Thought it might be fun for some to harbor a guess.


----------



## rjsd (Nov 11, 2006)

My guess would be well north of 16, (16.25-16.5) if you are using the DA brakes.
Just a guess.


----------



## sevencycle (Apr 23, 2006)

16.25


----------



## wipeout (Jun 6, 2005)

16.13333 lbs


----------



## jojoaist (Feb 1, 2005)

I will say 16.75


----------



## Forrest Root (Dec 22, 2006)

Less than 28lbs and more than 9lbs.


----------



## IcemanYVR (Jul 27, 2006)

16.84 lbs.

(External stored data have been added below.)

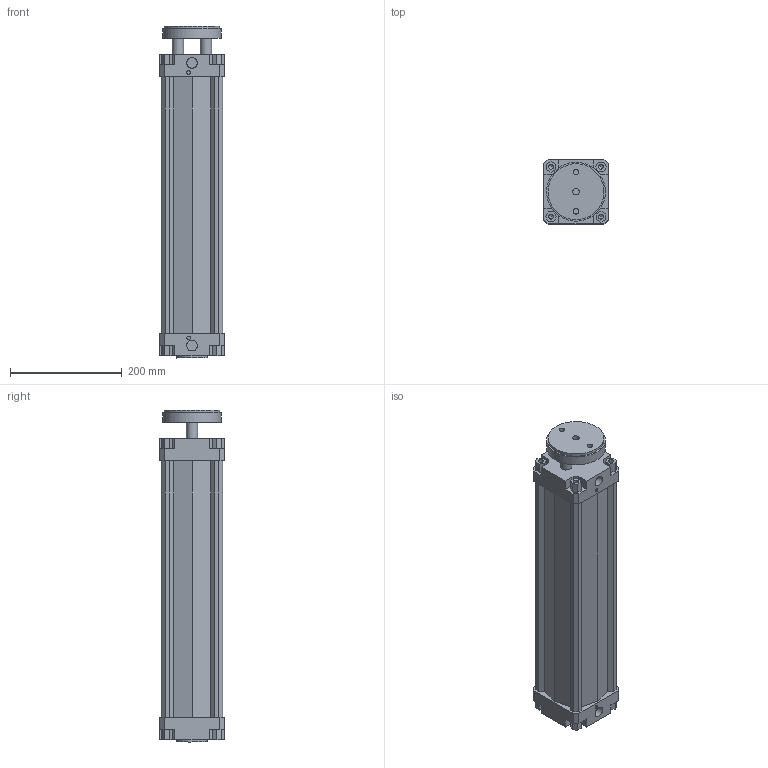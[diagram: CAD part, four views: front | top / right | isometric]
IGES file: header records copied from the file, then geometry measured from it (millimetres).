
Global section: file name: 132#_100_0400_01; native system: Autodesk Inventor 2014; preprocessor: unknown; author: A. Manieri; date: 20161006.163759; units: millimetre
Bounding box: 115 x 115 x 593 mm (x, y, z)
Volume: 3023196.9 mm3; surface area: 570359.6 mm2
Topology: 2 solids, 2 shells, 180 faces, 491 edges, 335 vertices
Faces by surface type: bspline 180

It's been my experience that most bike come in at least a pound more than we figure on paper, especially if going by manufacturers stated weights.

Not to reign on your parade, but you've forgotten cables/housings, guides, bar tape plugs, cable ends, grease for BB cups, threads. You also have a 60cm frame, heavier than the standard size C-Dale normally uses. Stem weights do not include the hardware. Frame weights do not include the weight of the bottle cage bolts. I know each part weighs very little, but it all adds up. Wheels do not include the weight of the skewers, and Dura Ace specs. is for 11-23, and 170mm cranks.


----------



## Juanmoretime (Nov 24, 2001)

17.1 lbs.


----------



## sevencycle (Apr 23, 2006)

Forrest Root said:


> Less than 28lbs and more than 9lbs.


Guess Forrest's IQ


----------



## Forrest Root (Dec 22, 2006)

sevencycle said:


> Guess Forrest's IQ


Yer a quick one, fella. Mommy must be proud o' you!


----------



## caterham (Nov 7, 2005)

Cervelo-er said:


> Dura Ace WH-7801 Wheelset w/ stock skewers. (NOT the SL's)
> I'll weigh it and post the results when its built.


when do you think you'll have it built up?
imo, I'd figure around 17.2 lbs


----------



## Cervelo-er (Apr 10, 2004)

Frame is waiting for parts. Ordered the DA10 from PBK on Friday, it arrived yesterday! Unreal. Should have the wheels by the end of the week...together for a hillclimb race on Saturday if the God's favor is with me.


----------



## caterham (Nov 7, 2005)

kewl-bet you're excited.hope you enjoy your new ride.
fwiw, don't be discouraged if the weight works out higher than anticipated. As near as I can figure, most bike and component manufacturers are pretty optimistic with their published weights and many of the guys posting here bragging about how light their bikes turned out are either outright lying or not letting on that they left out the pedals, bottle cages, etc. 
I ride fairly small size frames and no matter what, my own figures run pretty consistantly a full pound or more higher than those being touted around these parts for similarly constructed and equipped bikes in much larger sizes.


----------



## Cervelo-er (Apr 10, 2004)

Probably right. I'll be stoked either way. After reading thru some posts over on WW, I've seen some places where I could have taken this down into the 14-15 range pretty easily...but I want a strong, stiff, durable racing bike...who knows, maybe I'll toy with some Pulsions, carbon bits, some M5 brakes, and building my own set of tubulars over the winter while it's hanging on the wall.


----------



## dhtucker4 (Jul 7, 2004)

The old Selle Italia Flite was advertised by Selle Italia as weighing 200-215 grams (8 percent plus or minus, but 90 percent of the time it's plus). I have weighed my Flite and other Flites on an accurate scale - the Flite weighs somewhere between 225-235 grams. The new Flite is advertised as weighing 180 grams, but I doubt that. 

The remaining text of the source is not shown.